El dilema del deporte trans: competición justa o derechos humanos
- Lia Thomas ganó el campeonato universitario de EE.UU. Nació varón y compitió como nadador, llegando hasta el puesto 65º del ranking en la prueba de 500 yardas estilo libre. Comenzó su terapia hormonal tras la pubertad, pero no se sometió a cirugía de reasignación de sexo. Pasó a ser la nº 1 en la categoría femenina, cuando comenzó a competir como mujer; en las 200 yardas estilo libre, pasó del puesto 554 en hombres, al nº 5 en mujeres.

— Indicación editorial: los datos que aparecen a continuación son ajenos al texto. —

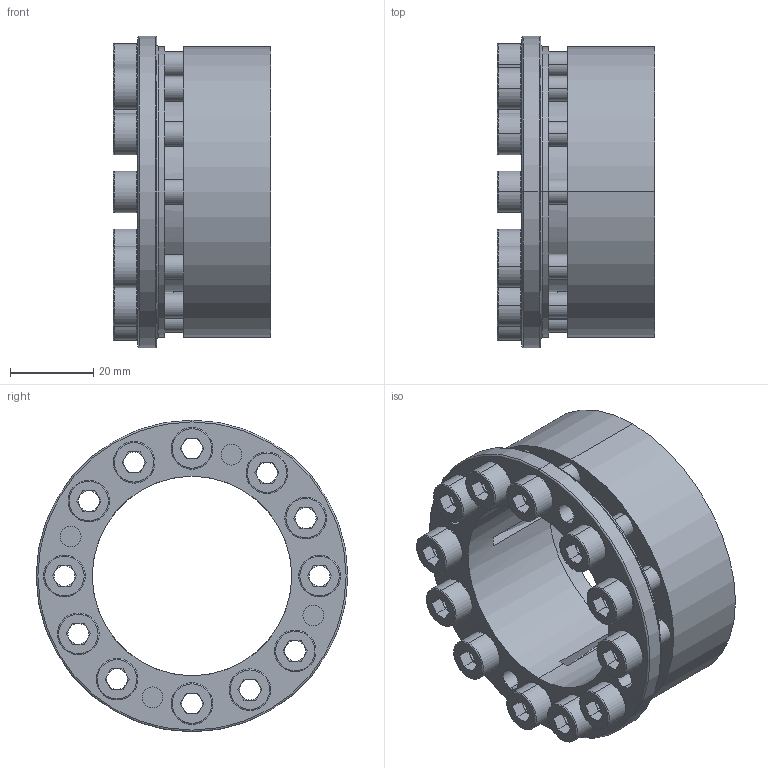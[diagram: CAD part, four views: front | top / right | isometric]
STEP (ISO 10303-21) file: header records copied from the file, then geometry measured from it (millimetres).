
FILE_DESCRIPTION (( 'STEP AP203' ), '1' );
FILE_NAME ('SAPL-A-48-70.STEP', '2018-04-24T07:57:09', ( '' ), ( '' ), 'SwSTEP 2.0', 'SolidWorks 2015', '' );
FILE_SCHEMA (( 'CONFIG_CONTROL_DESIGN' ));
Length unit declared in the file: millimetre
Products named in the file (1): SAPL-A-48-70
Bounding box: 38 x 75 x 75 mm (x, y, z)
Surface area: 34682.6 mm2 (no closed solid volume)
Topology: 0 solids, 26 shells, 357 faces, 908 edges, 556 vertices
Faces by surface type: plane 165, cylinder 136, torus 54, cone 2
Entity records: 10924 total; most frequent: DIRECTION 2066, CARTESIAN_POINT 1882, ORIENTED_EDGE 1666, EDGE_CURVE 908, AXIS2_PLACEMENT_3D 808, VERTEX_POINT 556, LINE 450, CIRCLE 450

Hay muchas historias como la de Lia: mujeres trans que compiten en categorías femeninas destacando inmediatamente y superando a las mejores deportistas. Sobre este aspecto, la Ley 4/2023, la conocida como ley LGTBI, generó grandes expectativas. Fue muy aplaudida porque, por fin -se dijo-, se rompían los moldes sexo-genéricos y los estereotipos patriarcales que obligan a elegir una identidad binaria y a competir en la categoría correspondiente al sexo biológico. Nada más lejos de la realidad.
- La lex sportiva fomenta la competición justa como pilar básico de cualquier evento deportivo. La lucha contra el dopaje es el mejor ejemplo. La participación de las mujeres trans en competiciones deportivas está siendo criticada precisamente por quebrar ese principio. De hecho, no es casual que a las ventajas competitivas de las mujeres trans se las haya llegado a calificar como “dopaje inverso”.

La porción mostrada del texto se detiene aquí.